Data for processing –
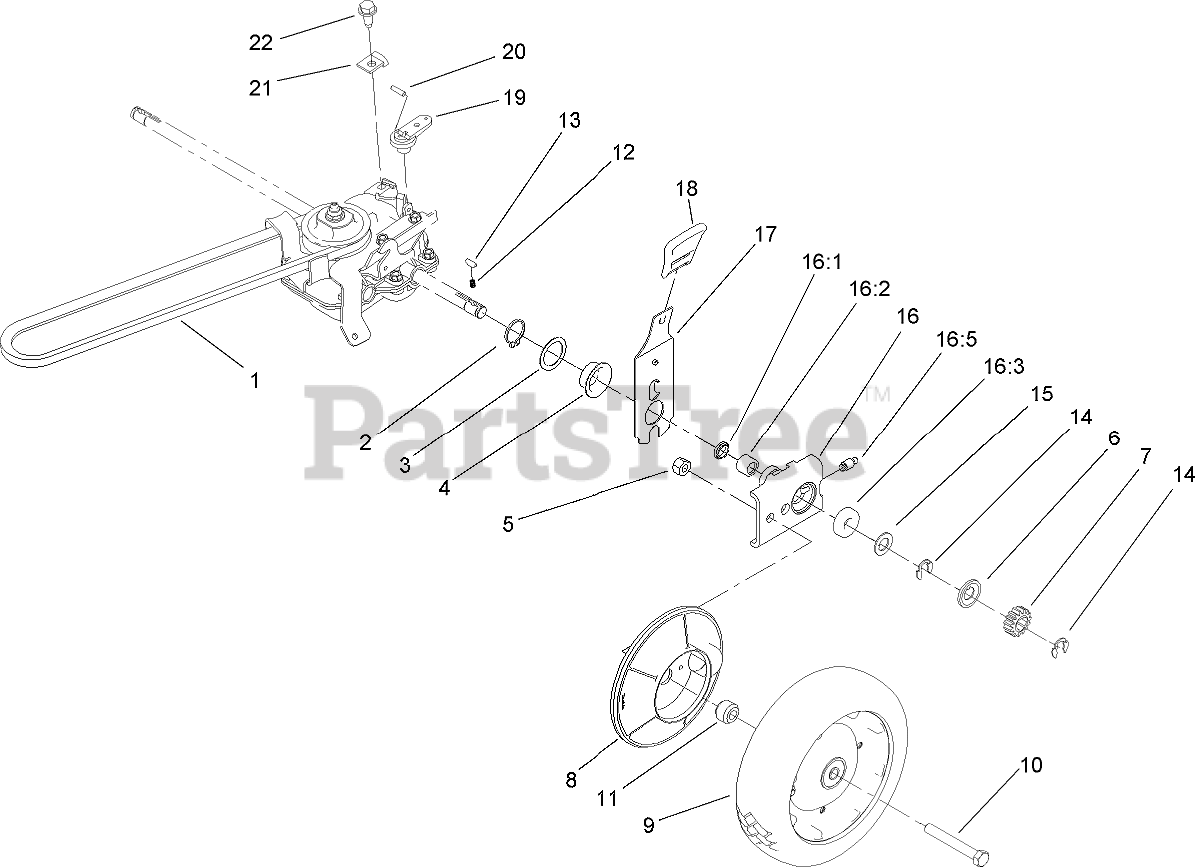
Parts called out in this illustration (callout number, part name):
1	V-BELT
2	RING-RETAINING
3	WASHER
4	CAP-END
5	NUT-LOCK, CONE
6	WASHER-THRUST, OUTER
7	GEAR-PINION
8	COVER-WHEEL
9	Wheel And Tire ASM
10	SCREW-HH
11	SPACER-COVER, WHEEL
12	SPRING-COMPRESSION
14	RING-RETAINING
15	WASHER-THRUST, OUTER
16	PIVOT ARM ASM
16:1	SEAL-OIL
16:2	BEARING-ROLLER
16:3	BEARING-WHEEL
17	REAR SPRING ARM ASM
18	KNOB-HOC
19	LEVER-SHIFT
20	PIN-COIL
21	CLAMP-CABLE
22	SCREW-HWHTF

Exercise directions –
Scan the preceding listing for the string "THRUST" and copy every line where it occurs.

The answer –
6	WASHER-THRUST, OUTER
15	WASHER-THRUST, OUTER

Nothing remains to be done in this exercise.